Guess who got a bill for $1.50 this month? :rolleyes: At least the agent I just spoke to says she took care of it and wrote it off. We’ll see if those 150 pennies are like gremlins…

Sometimes breakups take a while to sink in. Think of it as letting them down easy. Mammoth financial conglomerates have feelings too, you know.

I know! Fucking bastards! All of the reasons I banked with WaMu and not WF, BofA or, oh, Chase are now gone, and I don’t have anymore options. When Chase first ruined WaMu I thought, well maybe I’ll go to Wachovia, and then… :mad:

I liked Wamu too. :frowning: Once they changed to Chase I carried a small (perhaps $200) balance on my card for a single month, and Chase cut my credit line in half, using the excuse that I was using too high a percentage of my available credit or some BS. I hadn’t paid late or anything, I just got flagged in their system “person carried a balance that doesn’t usually carry a balance!” and the axe came down.

I had a credit card company (bank) a few years ago that cheated me. I sent a payment in on time and they charged a late fee. When I called to bitch , they explained I had to consider the time to process it. So the next month ,I sent it in earlier. Same result.
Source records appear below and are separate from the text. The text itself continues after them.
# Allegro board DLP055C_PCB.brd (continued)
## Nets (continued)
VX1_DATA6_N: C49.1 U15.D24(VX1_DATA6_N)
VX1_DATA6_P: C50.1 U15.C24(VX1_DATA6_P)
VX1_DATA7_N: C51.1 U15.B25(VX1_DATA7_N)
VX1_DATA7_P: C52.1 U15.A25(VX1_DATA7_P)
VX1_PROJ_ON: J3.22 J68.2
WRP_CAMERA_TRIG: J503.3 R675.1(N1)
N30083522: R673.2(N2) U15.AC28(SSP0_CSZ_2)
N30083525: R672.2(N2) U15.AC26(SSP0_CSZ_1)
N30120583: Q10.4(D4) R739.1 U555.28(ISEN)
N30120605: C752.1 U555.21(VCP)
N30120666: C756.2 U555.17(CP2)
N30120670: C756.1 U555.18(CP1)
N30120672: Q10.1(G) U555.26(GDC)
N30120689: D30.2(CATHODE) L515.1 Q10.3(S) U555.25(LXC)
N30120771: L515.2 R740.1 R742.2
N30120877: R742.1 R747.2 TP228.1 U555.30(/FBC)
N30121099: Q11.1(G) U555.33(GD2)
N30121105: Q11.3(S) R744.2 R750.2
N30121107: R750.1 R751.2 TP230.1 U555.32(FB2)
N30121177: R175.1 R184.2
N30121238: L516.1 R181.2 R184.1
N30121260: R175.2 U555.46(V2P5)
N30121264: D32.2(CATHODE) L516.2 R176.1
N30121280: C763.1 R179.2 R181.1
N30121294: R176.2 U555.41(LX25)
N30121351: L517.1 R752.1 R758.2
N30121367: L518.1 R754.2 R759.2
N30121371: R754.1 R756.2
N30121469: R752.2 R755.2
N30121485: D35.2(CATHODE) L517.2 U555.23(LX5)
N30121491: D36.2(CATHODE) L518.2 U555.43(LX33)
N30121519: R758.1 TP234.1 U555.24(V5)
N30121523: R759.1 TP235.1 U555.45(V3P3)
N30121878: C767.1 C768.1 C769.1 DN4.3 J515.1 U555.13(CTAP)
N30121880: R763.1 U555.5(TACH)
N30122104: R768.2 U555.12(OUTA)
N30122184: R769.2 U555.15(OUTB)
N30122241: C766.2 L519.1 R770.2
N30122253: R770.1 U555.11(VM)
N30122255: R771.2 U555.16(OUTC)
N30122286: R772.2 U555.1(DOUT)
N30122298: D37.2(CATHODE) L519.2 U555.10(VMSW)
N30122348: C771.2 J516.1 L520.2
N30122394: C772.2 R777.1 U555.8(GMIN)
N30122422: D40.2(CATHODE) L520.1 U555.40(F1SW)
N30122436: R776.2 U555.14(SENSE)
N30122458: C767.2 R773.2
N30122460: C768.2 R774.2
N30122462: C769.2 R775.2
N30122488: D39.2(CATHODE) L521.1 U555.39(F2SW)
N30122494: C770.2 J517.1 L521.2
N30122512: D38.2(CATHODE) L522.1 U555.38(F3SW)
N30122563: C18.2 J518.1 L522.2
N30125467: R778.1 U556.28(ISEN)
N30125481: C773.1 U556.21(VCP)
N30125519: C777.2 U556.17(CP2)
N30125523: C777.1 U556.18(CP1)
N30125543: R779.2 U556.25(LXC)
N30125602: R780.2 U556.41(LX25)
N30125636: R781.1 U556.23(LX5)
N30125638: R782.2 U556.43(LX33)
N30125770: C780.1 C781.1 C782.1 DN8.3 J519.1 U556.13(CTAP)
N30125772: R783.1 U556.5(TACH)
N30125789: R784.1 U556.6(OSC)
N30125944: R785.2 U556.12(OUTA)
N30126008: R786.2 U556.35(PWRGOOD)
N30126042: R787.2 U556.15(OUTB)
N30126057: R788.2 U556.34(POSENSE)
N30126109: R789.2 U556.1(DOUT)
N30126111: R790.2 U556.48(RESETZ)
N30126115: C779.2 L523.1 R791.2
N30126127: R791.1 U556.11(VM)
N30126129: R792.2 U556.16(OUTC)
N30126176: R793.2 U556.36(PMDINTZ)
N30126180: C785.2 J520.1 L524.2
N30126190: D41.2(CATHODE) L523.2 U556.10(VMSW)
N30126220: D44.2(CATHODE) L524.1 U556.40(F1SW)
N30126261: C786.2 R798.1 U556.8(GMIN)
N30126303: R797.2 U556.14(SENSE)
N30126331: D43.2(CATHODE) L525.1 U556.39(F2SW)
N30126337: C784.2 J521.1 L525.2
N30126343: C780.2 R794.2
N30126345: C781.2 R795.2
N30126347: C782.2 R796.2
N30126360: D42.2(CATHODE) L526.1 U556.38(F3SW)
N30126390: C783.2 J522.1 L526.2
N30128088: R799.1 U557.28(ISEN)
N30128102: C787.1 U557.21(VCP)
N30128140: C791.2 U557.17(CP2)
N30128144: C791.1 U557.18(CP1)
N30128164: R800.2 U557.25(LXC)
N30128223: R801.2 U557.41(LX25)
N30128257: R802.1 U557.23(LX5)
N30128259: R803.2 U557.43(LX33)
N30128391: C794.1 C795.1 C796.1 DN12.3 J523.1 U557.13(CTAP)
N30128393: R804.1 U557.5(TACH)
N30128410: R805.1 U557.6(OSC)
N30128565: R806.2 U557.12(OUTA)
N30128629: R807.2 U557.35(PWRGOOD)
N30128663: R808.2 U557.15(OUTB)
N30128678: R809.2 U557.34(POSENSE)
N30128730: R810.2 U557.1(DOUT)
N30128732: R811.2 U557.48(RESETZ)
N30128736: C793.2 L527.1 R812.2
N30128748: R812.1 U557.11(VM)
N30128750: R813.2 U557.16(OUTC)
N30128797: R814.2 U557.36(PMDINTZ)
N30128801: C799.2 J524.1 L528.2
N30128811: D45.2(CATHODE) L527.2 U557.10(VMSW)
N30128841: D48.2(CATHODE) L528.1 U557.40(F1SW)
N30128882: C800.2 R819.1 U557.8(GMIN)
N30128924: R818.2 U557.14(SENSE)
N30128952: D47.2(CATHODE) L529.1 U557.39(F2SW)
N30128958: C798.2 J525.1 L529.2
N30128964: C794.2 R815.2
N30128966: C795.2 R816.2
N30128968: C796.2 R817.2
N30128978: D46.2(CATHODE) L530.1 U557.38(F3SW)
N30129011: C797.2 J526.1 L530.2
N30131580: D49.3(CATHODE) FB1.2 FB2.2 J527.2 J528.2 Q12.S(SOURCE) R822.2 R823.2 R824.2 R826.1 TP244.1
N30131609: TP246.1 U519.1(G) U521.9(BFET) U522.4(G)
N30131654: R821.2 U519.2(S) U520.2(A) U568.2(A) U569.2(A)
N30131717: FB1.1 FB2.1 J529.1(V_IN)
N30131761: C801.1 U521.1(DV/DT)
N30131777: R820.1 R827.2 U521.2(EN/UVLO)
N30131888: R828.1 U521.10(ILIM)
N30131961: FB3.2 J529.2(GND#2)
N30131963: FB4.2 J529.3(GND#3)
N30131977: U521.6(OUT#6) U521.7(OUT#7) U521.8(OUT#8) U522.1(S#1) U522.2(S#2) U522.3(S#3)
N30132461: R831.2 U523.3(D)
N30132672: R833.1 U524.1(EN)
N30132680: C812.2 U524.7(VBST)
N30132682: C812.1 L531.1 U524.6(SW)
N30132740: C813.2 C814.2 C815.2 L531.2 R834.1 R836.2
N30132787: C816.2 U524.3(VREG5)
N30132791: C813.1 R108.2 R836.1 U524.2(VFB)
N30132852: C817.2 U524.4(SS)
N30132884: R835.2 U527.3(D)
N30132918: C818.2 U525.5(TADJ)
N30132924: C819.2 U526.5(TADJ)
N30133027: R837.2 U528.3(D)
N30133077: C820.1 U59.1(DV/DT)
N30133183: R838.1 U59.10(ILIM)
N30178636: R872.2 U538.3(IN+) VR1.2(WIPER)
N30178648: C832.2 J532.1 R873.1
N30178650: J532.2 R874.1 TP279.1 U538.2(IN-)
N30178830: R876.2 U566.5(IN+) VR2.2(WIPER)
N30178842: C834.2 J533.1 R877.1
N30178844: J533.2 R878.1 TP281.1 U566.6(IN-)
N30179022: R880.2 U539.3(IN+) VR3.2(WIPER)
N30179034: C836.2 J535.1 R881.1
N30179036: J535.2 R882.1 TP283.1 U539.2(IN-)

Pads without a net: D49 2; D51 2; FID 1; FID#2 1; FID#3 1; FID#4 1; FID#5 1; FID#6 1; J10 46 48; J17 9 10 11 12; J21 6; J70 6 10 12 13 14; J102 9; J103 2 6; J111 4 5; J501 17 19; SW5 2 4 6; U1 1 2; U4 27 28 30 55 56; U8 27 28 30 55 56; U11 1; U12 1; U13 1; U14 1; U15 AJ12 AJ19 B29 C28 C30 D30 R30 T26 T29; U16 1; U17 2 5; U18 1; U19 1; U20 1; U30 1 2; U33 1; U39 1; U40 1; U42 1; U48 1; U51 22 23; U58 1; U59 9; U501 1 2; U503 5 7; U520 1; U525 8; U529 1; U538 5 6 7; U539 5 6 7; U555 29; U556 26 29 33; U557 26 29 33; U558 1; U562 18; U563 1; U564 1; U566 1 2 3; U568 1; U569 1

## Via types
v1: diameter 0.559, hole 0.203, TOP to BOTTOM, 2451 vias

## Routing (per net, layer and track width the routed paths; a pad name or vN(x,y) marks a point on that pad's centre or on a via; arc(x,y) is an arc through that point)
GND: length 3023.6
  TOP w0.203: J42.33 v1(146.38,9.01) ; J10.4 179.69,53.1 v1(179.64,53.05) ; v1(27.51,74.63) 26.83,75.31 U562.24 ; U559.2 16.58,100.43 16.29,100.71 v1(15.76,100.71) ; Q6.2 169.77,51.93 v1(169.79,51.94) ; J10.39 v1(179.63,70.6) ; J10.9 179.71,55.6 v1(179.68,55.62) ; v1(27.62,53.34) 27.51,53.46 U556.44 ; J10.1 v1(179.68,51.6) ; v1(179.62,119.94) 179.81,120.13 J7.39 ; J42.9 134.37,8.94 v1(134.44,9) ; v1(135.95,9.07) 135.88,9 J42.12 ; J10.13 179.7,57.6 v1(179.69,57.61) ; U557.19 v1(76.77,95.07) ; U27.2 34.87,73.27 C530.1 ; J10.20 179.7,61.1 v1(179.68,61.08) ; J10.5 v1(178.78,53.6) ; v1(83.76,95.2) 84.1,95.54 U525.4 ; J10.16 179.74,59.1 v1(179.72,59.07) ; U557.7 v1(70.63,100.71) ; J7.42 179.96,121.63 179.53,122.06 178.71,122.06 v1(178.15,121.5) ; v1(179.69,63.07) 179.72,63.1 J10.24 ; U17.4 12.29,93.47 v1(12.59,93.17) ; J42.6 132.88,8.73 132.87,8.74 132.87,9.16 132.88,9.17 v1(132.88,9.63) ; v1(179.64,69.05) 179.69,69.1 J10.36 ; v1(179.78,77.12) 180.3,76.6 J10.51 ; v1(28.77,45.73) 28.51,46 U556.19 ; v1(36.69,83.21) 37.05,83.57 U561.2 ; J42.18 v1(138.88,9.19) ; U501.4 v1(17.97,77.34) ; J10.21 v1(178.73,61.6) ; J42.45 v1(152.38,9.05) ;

I actually sent a payment in 2 weeks early and got hit with a late fee. The message was clear. They would defiantly cheat me and dare me to do anything about it. I paid them off and have never done business with then again.
Perhaps I did not see the clause in the microscopic information sheets they included in the loan, that they would determine when a payment was late. Must have been my fault. Banks are good organizations that do no harm.

Is it really too much to ask that the companies you do business with not try to fuck you over? The attitude that it’s your fault for trusting businesses to be decent is letting them off way to easy.

Indeed… except in the case of credit cards, apparently, it’s often profitable policy. Most customers who have their rates hiked or are charged fees don’t cancel those accounts. The OP thinks they won’t get another bit of interest on his account? Yeah, maybe. But even if he sticks to that, they’re still making money every time he swipes the card.

I’m a she, and the point of closing the account was to ensure that my interest dollars go elsewhere.

I’m sure Chase doesn’t mind. Quite likely, there’s a new Chase customer leaving the bank you’ve chosen to take your business to – for similar reasons.

Yeah, but that still doesn’t mean you shouldn’t vote with your feet and your money. Since when did it become acceptable as a matter of course that we should be treated like shit by the companies we do business with? Treat me like shit once shame on you, do it twice shame on me.

Oddly enough, I closed out my little savings account, and my even littler checking account, with Chase today. They were charging me $12 a month service fee for a checking account that never had more than $50 in it. (I’d only been banking with them out of force of habit, having opened an account many years ago when I worked downtown and a Chase branch was across the street.) I opened another little savings and checking account with M&T, they assured me it was free. If they pull any funny stuff, I’ll close that up and just use Mr. Sali’s credit union. Though I really would like my own account, elsewhere.